The given question is we have to find the number of partial fractions in

${x}^{4} - 5 {x}^{2} + 1 \div {( {x}^{2} + 1)}^{3}$

In algebra, the partial fraction decomposition is also called the partial fraction expansion.

The partial fraction expansion of a rational fraction is an operation that consists of expressing the fraction as a sum of nipolynomial and one or several fractions with a simpler denominator.

In order to find a partial fractions following steps are used

start with a proper rational expressions.

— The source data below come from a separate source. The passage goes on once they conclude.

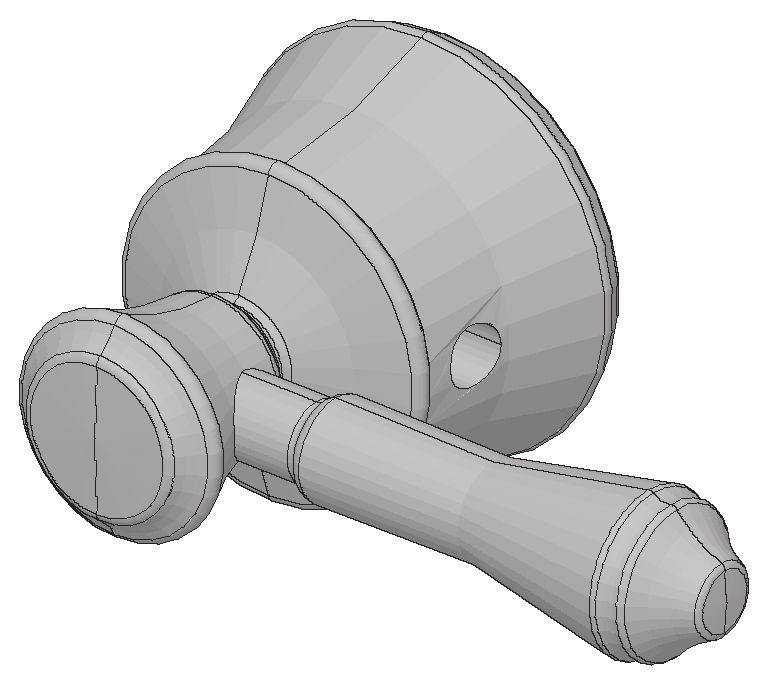
Revit family "Delta Bath Cassidy FGH797-LOTA", category Plumbing Fixtures, host Wall, Revit 2013
Parameters (values of type "Delta Bath Cassidy FGH797-LOTA")
  URL = "http://www.deltafaucet.com "
  Valve = Stainless Steel
  Model = "FGH797-LOTA"
  Manufacturer = "Delta"
Reference planes (in)
  plane 1: y = 0
  plane 2 "Center (Left/Right)": x = 0
  plane 3 "Wall Edge": y = 6
  plane 4: y = -6
  plane 5: y = -4
Forms (in)
  Revolve 1, solid, material "Stainless Steel" <- "Valve"
    sketch origin (0, -2.08649, -47.93536) x (0, 1, 0) y (0, 0, 1)
      loop
        arc (-5.32831, 69.85143) -> (-5.42167, 69.54972) -> (-5.56306, 69.2673) r 1.92667
        arc (-5.56306, 69.2673) -> (-5.58185, 69.24814) -> (-5.60718, 69.23927) r 0.05905
        line (-5.60718, 69.23927) -> (-5.63951, 69.23927)
        arc (-5.63951, 69.23927) -> (-5.65227, 69.24936) -> (-5.66049, 69.2634) r 0.04403
        arc (-5.66049, 69.2634) -> (-5.67541, 69.28546) -> (-5.69841, 69.2989) r 0.06
        arc (-5.69841, 69.2989) -> (-5.71806, 69.30963) -> (-5.73178, 69.32733) r 0.05482
        arc (-5.73178, 69.32733) -> (-5.75246, 69.35097) -> (-5.78225, 69.36092) r 0.06
        arc (-5.78225, 69.36092) -> (-6.13523, 69.42063) -> (-6.46666, 69.55591) r 1.63073
        arc (-6.46666, 69.55591) -> (-6.51645, 69.56427) -> (-6.55499, 69.53168) r 0.06
        arc (-6.55499, 69.53168) -> (-6.60238, 69.45965) -> (-6.66861, 69.40446) r 0.29404
        arc (-6.66861, 69.40446) -> (-6.68774, 69.38485) -> (-6.69616, 69.35877) r 0.06
        arc (-6.69616, 69.35877) -> (-6.70917, 69.14701) -> (-6.71351, 68.93489) r 5.18563
        line (-6.71351, 68.93489) -> (-3.91351, 68.93489) -> (-3.91351, 70.01368)
        arc (-3.91351, 70.01368) -> (-3.91738, 70.03118) -> (-3.93017, 70.04374) r 0.03153
        line (-3.93017, 70.04374) -> (-4.04683, 70.10572)
        arc (-4.04683, 70.10572) -> (-4.0796, 70.11255) -> (-4.11093, 70.10077) r 0.06
        arc (-4.11093, 70.10077) -> (-4.64131, 69.9214) -> (-5.19729, 69.85534) r 2.69835
        arc (-5.19729, 69.85534) -> (-5.21166, 69.86299) -> (-5.22235, 69.87527) r 0.04487
        arc (-5.22235, 69.87527) -> (-5.2829, 69.89699) -> (-5.32831, 69.85143) r 0.06
      axis (-3.91351, 68.93489) -> (-6.71351, 68.93489)
    angle from 0 to 360
  Revolve 2, solid, material "Stainless Steel" <- "Valve"
    sketch origin (0, -8.125, -47.93536) x (1, 0, 0) y (0, 0, 1)
      loop
        arc (3.48766, 68.94686) -> (3.48193, 69.03416) -> (3.47545, 69.1214) r 10.0877
        arc (3.47545, 69.1214) -> (3.46881, 69.14214) -> (3.45362, 69.15774) r 0.04749
        arc (3.45362, 69.15774) -> (3.2971, 69.24419) -> (3.16651, 69.36633) r 0.7249
        arc (3.16651, 69.36633) -> (3.14899, 69.37864) -> (3.12765, 69.38048) r 0.04114
        arc (3.12765, 69.38048) -> (3.06873, 69.38193) -> (3.01514, 69.40645) r 0.14675
        arc (3.01514, 69.40645) -> (2.99976, 69.41301) -> (2.98308, 69.41211) r 0.03691
        arc (2.98308, 69.41211) -> (1.99743, 69.22792) -> (0.99476, 69.23815) r 5.15198
        arc (0.99476, 69.23815) -> (0.95196, 69.22043) -> (0.91949, 69.18738) r 0.11611
        arc (0.91949, 69.18738) -> (0.8976, 69.17793) -> (0.87381, 69.17645) r 0.06936
        arc (0.87381, 69.17645) -> (0.57404, 69.16829) -> (0.27427, 69.17645) r 5.50957
        line (0.27427, 69.17645) -> (0.27427, 68.94686) -> (3.48766, 68.94686)
      axis (0.27427, 68.94686) -> (3.48766, 68.94686)
    angle from 0 to 360
  Sweep 3, void
    path origin (0.00995, 0.0846, -47.77095) x (1, 0, 0) y (0, 0, 1)
      loop
        line (1.32574, 68.91738) -> (0.32574, 68.91738)
    profile origin (0.83569, 0.0846, 21.14644) x (0, 0, -1) y (0, -1, 0)
      loop
        circle (0.13681, 7.03952) r 0.17875
  Revolve 4, solid, material "Stainless Steel" <- "Valve", not visible
    sketch origin (0, -0.08649, -47.93536) x (0, 1, 0) y (0, 0, 1)
      loop
        arc (-5.32831, 69.85143) -> (-5.42167, 69.54972) -> (-5.56306, 69.2673) r 1.92667
        arc (-5.56306, 69.2673) -> (-5.58185, 69.24814) -> (-5.60718, 69.23927) r 0.05905
        line (-5.60718, 69.23927) -> (-5.63951, 69.23927)
        arc (-5.63951, 69.23927) -> (-5.65227, 69.24936) -> (-5.66049, 69.2634) r 0.04403
        arc (-5.66049, 69.2634) -> (-5.67541, 69.28546) -> (-5.69841, 69.2989) r 0.06
        arc (-5.69841, 69.2989) -> (-5.71806, 69.30963) -> (-5.73178, 69.32733) r 0.05482
        arc (-5.73178, 69.32733) -> (-5.75246, 69.35097) -> (-5.78225, 69.36092) r 0.06
        arc (-5.78225, 69.36092) -> (-6.13523, 69.42063) -> (-6.46666, 69.55591) r 1.63073
        arc (-6.46666, 69.55591) -> (-6.51645, 69.56427) -> (-6.55499, 69.53168) r 0.06
        arc (-6.55499, 69.53168) -> (-6.60238, 69.45965) -> (-6.66861, 69.40446) r 0.29404
        arc (-6.66861, 69.40446) -> (-6.68774, 69.38485) -> (-6.69616, 69.35877) r 0.06
        arc (-6.69616, 69.35877) -> (-6.70917, 69.14701) -> (-6.71351, 68.93489) r 5.18563
        line (-6.71351, 68.93489) -> (-3.91351, 68.93489) -> (-3.91351, 70.01368)
        arc (-3.91351, 70.01368) -> (-3.91738, 70.03118) -> (-3.93017, 70.04374) r 0.03153
        line (-3.93017, 70.04374) -> (-4.04683, 70.10572)
        arc (-4.04683, 70.10572) -> (-4.0796, 70.11255) -> (-4.11093, 70.10077) r 0.06
        arc (-4.11093, 70.10077) -> (-4.64131, 69.9214) -> (-5.19729, 69.85534) r 2.69835
        arc (-5.19729, 69.85534) -> (-5.21166, 69.86299) -> (-5.22235, 69.87527) r 0.04487
        arc (-5.22235, 69.87527) -> (-5.2829, 69.89699) -> (-5.32831, 69.85143) r 0.06
      axis (-3.91351, 68.93489) -> (-6.71351, 68.93489)
    angle from 0 to 360
  Revolve 5, solid, material "Stainless Steel" <- "Valve", not visible
    sketch origin (0, -6.125, -47.93536) x (1, 0, 0) y (0, 0, 1)
      loop
        arc (3.48766, 68.94686) -> (3.48193, 69.03416) -> (3.47545, 69.1214) r 10.0877
        arc (3.47545, 69.1214) -> (3.46881, 69.14214) -> (3.45362, 69.15774) r 0.04749
        arc (3.45362, 69.15774) -> (3.2971, 69.24419) -> (3.16651, 69.36633) r 0.7249
        arc (3.16651, 69.36633) -> (3.14899, 69.37864) -> (3.12765, 69.38048) r 0.04114
        arc (3.12765, 69.38048) -> (3.06873, 69.38193) -> (3.01514, 69.40645) r 0.14675
        arc (3.01514, 69.40645) -> (2.99976, 69.41301) -> (2.98308, 69.41211) r 0.03691
        arc (2.98308, 69.41211) -> (1.99743, 69.22792) -> (0.99476, 69.23815) r 5.15198
        arc (0.99476, 69.23815) -> (0.95196, 69.22043) -> (0.91949, 69.18738) r 0.11611
        arc (0.91949, 69.18738) -> (0.8976, 69.17793) -> (0.87381, 69.17645) r 0.06936
        arc (0.87381, 69.17645) -> (0.57404, 69.16829) -> (0.27427, 69.17645) r 5.50957
        line (0.27427, 69.17645) -> (0.27427, 68.94686) -> (3.48766, 68.94686)
      axis (0.27427, 68.94686) -> (3.48766, 68.94686)
    angle from 0 to 360
  Sweep 6, void, not visible
    path origin (0.00995, 2.0846, -47.77095) x (1, 0, 0) y (0, 0, 1)
      loop
        line (1.32574, 68.91738) -> (0.32574, 68.91738)
    profile origin (0.83569, 2.0846, 21.14644) x (0, 0, -1) y (0, -1, 0)
      loop
        circle (0.13681, 7.03952) r 0.17875
Cuts and joins
  Sweep 3 cuts Revolve 1
Text (in)
  text "Placement Side" at (0, 40.15149, 123.01588), in view "Right"
  text "Placement Side" at (-70.3804, 28.46503, 0), in view "Ref. Level"
  text "Placement Side" at (0, 81.62555, 140.59947), in view "Left"
Dimensions and locks (in)
  locked: plane 3 "Wall Edge" to host wall
  aligned and locked: host wall to cut or joined group of Revolve 1, Sweep 3

factor the bottom into linear factors.

write out a partial fraction for each factor.

multiply the whole equation by the bottom.

solve for coefficient.

partial fraction is obtained.

The general splitting of partial fraction is

$\frac{f(x)}{(a {x}^{2} + b)} = \frac{ax + b}{(a {x}^{2} + b) } + \frac{c}{cx + b}$

substitute the value in the above expression we get,

$\frac{ {x}^{4} - 5 {x}^{2} + 1 }{ { ({x}^{2} + 1)}^{3} } = \frac{ax + b}{ {x}^{2} + 1 } + \frac{cx + d}{ {( {x}^{2} + 1) }^{2} } + \frac{ex + f}{ {( {x}^{2} + 1)}^{3} }$

There fore, the partial fractions are obtained for the given expression.

The number of partial fractions obtained for the given expression is 3.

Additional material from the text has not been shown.